Foi perguntado, por exemplo, sobre o motivo da falta. O Estado informou que apenas repassa as doses fornecidas pelo Governo Federal, que também se manifestou sobre o assunto, vejas os tópicos abaixo.

Meningocócica C

O Ministério da Saúde informou que enviou, até setembro de 2019, mais de 10 milhões de doses da vacina meningocócica C para todo o país.

“A vacina teve sua distribuição regularizada a partir de agosto, com atendimento integral da rotina, após um período de distribuição parcial, devido ao tempo em que o produto ficou em análise de qualidade pelo Instituto Nacional de Controle de Qualidade em Saúde (INCQS)”, disse o Ministério.

“Para o estado de São Paulo, foram enviadas 2,1 milhões de doses da vacina, sendo 260 mil em setembro.  Vale ressaltar que o Calendário Nacional de Vacinação da Criança recomenda a vacinação contra meningites, causada pelo sorogrupo C, aos três e cinco meses de idade, sendo necessária uma dose de reforço aos 12 meses”, completou a pasta.

Pentavalente

O Ministério da Saúde informou que a vacina pentavalente adquirida por intermédio da Organização Pan-Americana da Saúde (OPAS) foi reprovada em teste de qualidade feitos pelo Instituto Nacional de Controle de Qualidade em Saúde (INCQS) e análise da Agência Nacional de Vigilância Sanitária (Anvisa).

Por este motivo, as compras com o antigo fornecedor, a indiana Biologicals E. Limited, foram interrompidas pela Organização Mundial da Saúde/OPAS, que pré-qualifica os laboratórios.

 “O Ministério da Saúde solicitou a reposição do fornecimento à Opas. No entanto, não há disponibilidade imediata da vacina pentavalente no mundo”, segundo a resposta oficial.

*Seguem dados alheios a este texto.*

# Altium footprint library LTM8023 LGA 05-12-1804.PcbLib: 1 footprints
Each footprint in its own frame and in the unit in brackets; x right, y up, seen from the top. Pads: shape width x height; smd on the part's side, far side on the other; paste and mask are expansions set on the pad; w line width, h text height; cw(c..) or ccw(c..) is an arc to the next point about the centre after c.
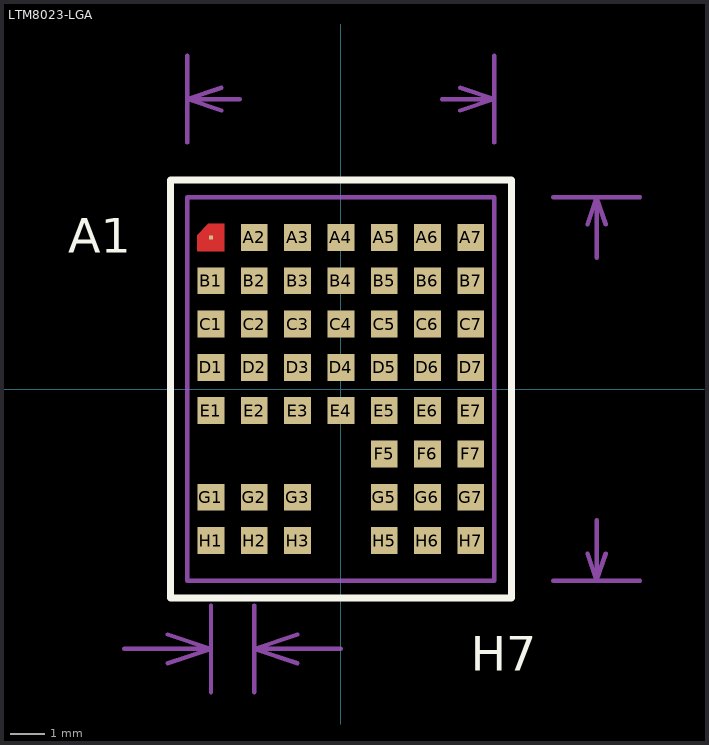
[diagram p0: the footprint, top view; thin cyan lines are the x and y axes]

## LTM8023-LGA [mil]
pads (50):
  rect 5x5 smd paste-3.5 mask-3: A1(-150,175)
  rect 31x31 smd paste-3.5 mask-3: A2(-100,175) A3(-50,175) A4(0,175) A5(50,175) A6(100,175) A7(150,175) B1(-150,125) B2(-100,125) B3(-50,125) B4(0,125) B5(50,125) B6(100,125) B7(150,125) C1(-150,75) C2(-100,75) C3(-50,75) C4(0,75) C5(50,75) C6(100,75) C7(150,75) D1(-150,25) D2(-100,25) D3(-50,25) D4(0,25) D5(50,25) D6(100,25) D7(150,25) E1(-150,-25) E2(-100,-25) E3(-50,-25) E4(0,-25) E5(50,-25) E6(100,-25) E7(150,-25) F5(50,-75) F6(100,-75) F7(150,-75) G1(-150,-125) G2(-100,-125) G3(-50,-125) G5(50,-125) G6(100,-125) G7(150,-125) H1(-150,-175) H2(-100,-175) H3(-50,-175) H5(50,-175) H6(100,-175) H7(150,-175)
TopLayer:
  region: -165.5,159.5 -134.5,159.5 -134.5,190.5 -152.5,190.5 -165.5,177.5
  lines w0.39: -165.5,159.5 -134.5,159.5 -134.5,190.5 -152.5,190.5 -165.5,177.5 -165.5,159.5
TopOverlay:
  lines w8: -196.85,-241.14 -196.85,241.14 196.85,241.14 196.85,-241.14 -196.85,-241.14
  text "H7" at 150,-325 h40
  text "A1" at -314.96,157.48 h40
Mechanical16:
  lines w5: -250,-300 -150,-300 ; -200,-316.67 -150,-300 ; -200,-283.33 -150,-300 ; -177.17,284.65 -177.17,384.65 ; -150,-350 -150,-250 ; -137.8,321.52 -177.17,334.65 ; -137.8,347.77 -177.17,334.65 ; -116.67,334.65 -177.17,334.65 ; -100,-350 -100,-250 ; -50,-316.67 -100,-300 ; -50,-283.33 -100,-300 ; 0,-300 -100,-300 ; 116.67,334.65 177.17,334.65 ; 137.8,321.52 177.17,334.65 ; 137.8,347.77 177.17,334.65 ; 177.17,284.65 177.17,384.65 ; 245.28,-221.46 345.28,-221.46 ; 245.28,221.46 345.28,221.46 ; 284.78,-189.96 295.28,-221.46 ; 284.78,189.96 295.28,221.46 ; 295.28,-151.44 295.28,-221.46 ; 295.28,151.44 295.28,221.46 ; 305.77,-189.96 295.28,-221.46 ; 305.77,189.96 295.28,221.46 ; -177.17,-221.46 177.17,-221.46 177.17,221.46 -177.17,221.46 -177.17,-221.46
  text "11.25 (mm)" at 316.02,-141.44 h31.5
  text "9 (mm)" at -106.67,309.97 h39.37
  text "1.27 (mm)" at -325.77,-419.97 h50

“A compra de 6,6 milhões de doses começaram a chegar de forma escalonada em agosto no Brasil. A previsão é que o abastecimento voltará à normalidade a partir de novembro. Quando os estoques forem normalizados, o Sistema Único de Saúde fará uma busca ativa pelas crianças que completaram dois, quatro ou seis meses de idade entre os meses de agosto e novembro para vaciná-las”, de acordo com o comunicado.

DTP

Sobre a DTP, neste ano, foram enviadas 2,4 milhões de doses aos estados, sendo mais de 441 mil ao estado de São Paulo, afirmou o órgão Federal.

“A distribuição foi reduzida devido a um problema de excursão de temperatura nas doses (variação de temperatura no transporte para o Brasil). A Agência Nacional de Vigilância Sanitária (Anvisa) aguarda parecer da OPAS para avaliar a liberação do produto. Assim que as doses estiverem disponíveis, a distribuição será regularizada”, consta na nota.